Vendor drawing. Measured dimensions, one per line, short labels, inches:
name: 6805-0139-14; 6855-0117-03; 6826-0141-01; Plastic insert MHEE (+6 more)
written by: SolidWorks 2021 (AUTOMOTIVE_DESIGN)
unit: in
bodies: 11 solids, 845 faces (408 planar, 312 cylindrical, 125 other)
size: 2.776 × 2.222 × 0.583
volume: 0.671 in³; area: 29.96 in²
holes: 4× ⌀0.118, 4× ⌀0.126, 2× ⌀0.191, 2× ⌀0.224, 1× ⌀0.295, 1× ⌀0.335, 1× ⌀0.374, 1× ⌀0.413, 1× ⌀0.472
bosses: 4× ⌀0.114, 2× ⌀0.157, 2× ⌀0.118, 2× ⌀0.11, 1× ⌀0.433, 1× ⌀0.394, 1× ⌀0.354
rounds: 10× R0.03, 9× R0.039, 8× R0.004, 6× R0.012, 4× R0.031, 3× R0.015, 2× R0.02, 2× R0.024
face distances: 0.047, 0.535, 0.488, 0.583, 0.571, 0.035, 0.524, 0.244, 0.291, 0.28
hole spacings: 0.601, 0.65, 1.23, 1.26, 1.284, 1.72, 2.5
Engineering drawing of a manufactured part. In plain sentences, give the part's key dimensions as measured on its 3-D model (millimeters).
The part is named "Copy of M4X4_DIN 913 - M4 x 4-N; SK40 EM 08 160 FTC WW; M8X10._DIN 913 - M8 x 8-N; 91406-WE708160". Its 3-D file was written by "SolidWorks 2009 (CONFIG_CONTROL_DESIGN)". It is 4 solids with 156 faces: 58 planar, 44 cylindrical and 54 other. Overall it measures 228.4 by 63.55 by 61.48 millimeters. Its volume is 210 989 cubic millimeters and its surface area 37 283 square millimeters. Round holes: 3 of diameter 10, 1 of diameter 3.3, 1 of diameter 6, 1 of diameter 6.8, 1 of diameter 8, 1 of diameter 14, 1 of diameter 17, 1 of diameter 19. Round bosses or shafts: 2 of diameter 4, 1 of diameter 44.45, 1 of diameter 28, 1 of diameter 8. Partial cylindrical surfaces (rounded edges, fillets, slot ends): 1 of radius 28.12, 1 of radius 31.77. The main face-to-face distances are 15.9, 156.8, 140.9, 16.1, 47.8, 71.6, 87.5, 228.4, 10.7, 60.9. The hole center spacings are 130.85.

•••

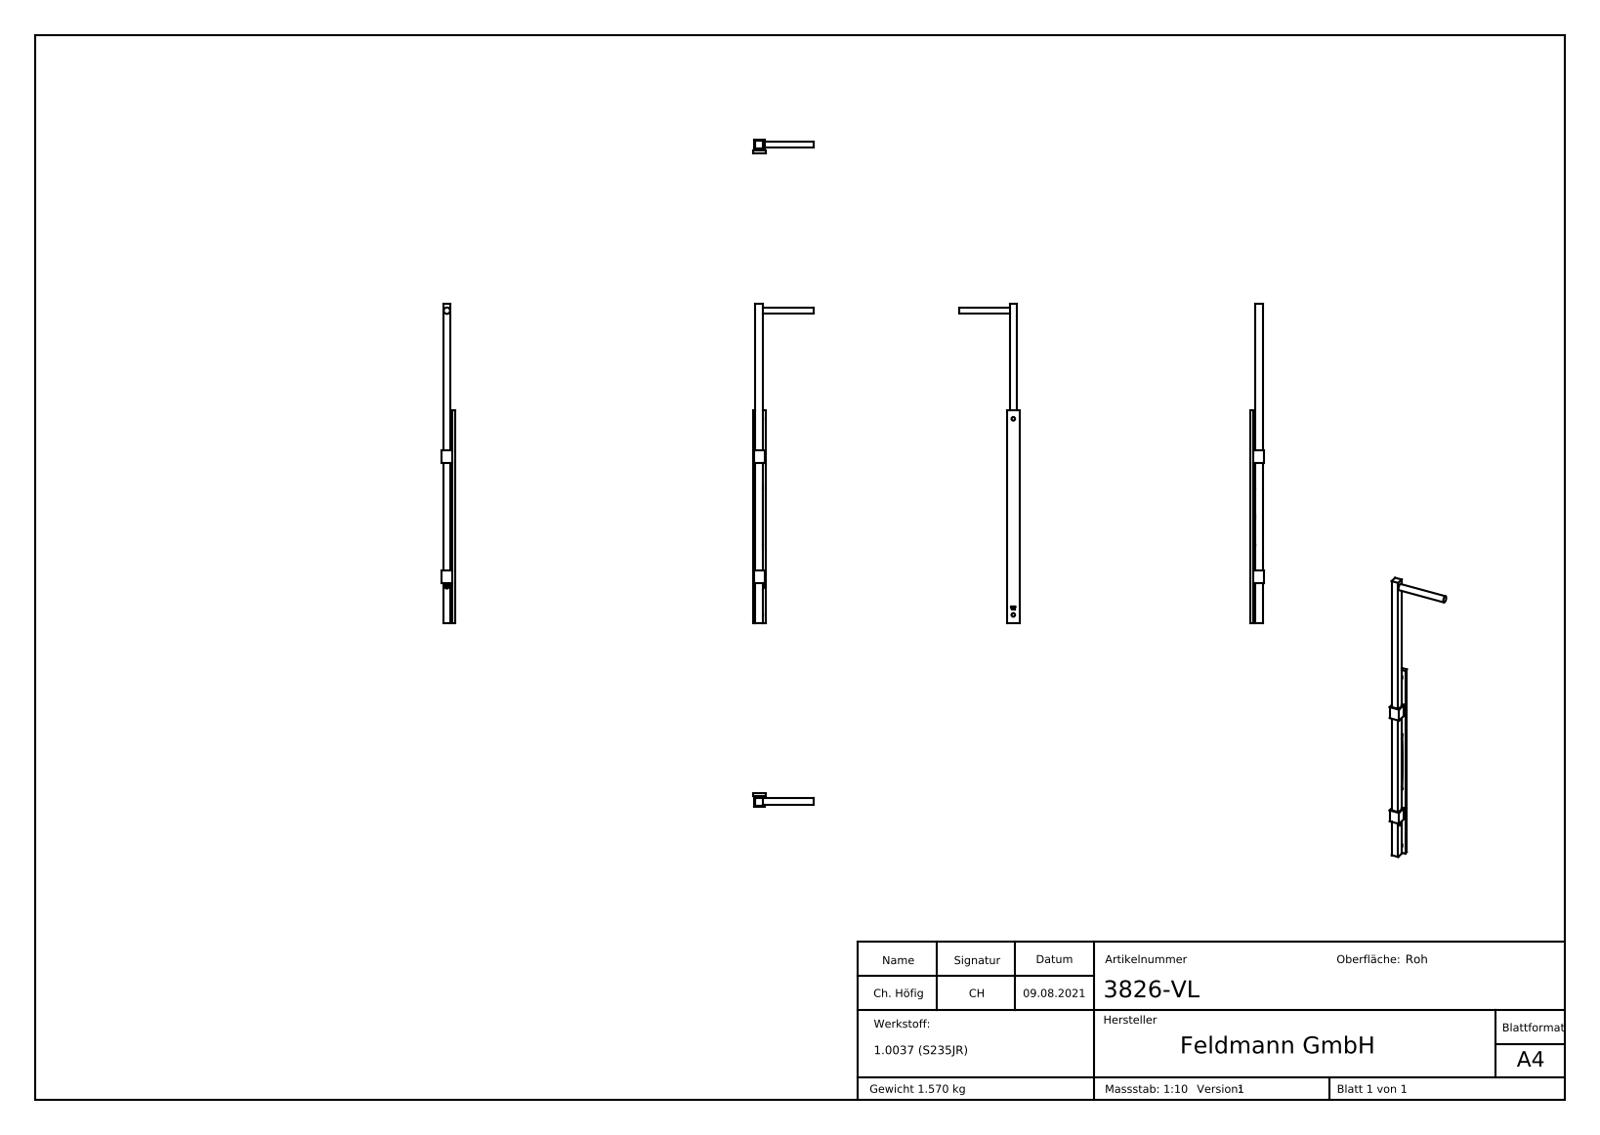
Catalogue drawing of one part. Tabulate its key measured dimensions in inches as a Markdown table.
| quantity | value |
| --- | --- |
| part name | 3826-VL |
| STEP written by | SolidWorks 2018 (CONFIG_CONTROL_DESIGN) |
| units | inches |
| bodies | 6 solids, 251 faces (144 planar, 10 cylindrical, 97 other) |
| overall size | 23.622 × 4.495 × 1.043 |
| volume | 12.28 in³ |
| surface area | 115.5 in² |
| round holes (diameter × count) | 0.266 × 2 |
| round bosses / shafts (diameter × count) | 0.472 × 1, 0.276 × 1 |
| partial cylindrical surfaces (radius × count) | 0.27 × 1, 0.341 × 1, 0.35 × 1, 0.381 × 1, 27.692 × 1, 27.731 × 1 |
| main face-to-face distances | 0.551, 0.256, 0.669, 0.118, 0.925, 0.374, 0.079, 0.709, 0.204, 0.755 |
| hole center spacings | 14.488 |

•••

• _TASK ITEM_
Whenever the word "size" occurs in a line of the records, that line counts once; state the total alone.

• _ANSWER TO THIS EXERCISE_
2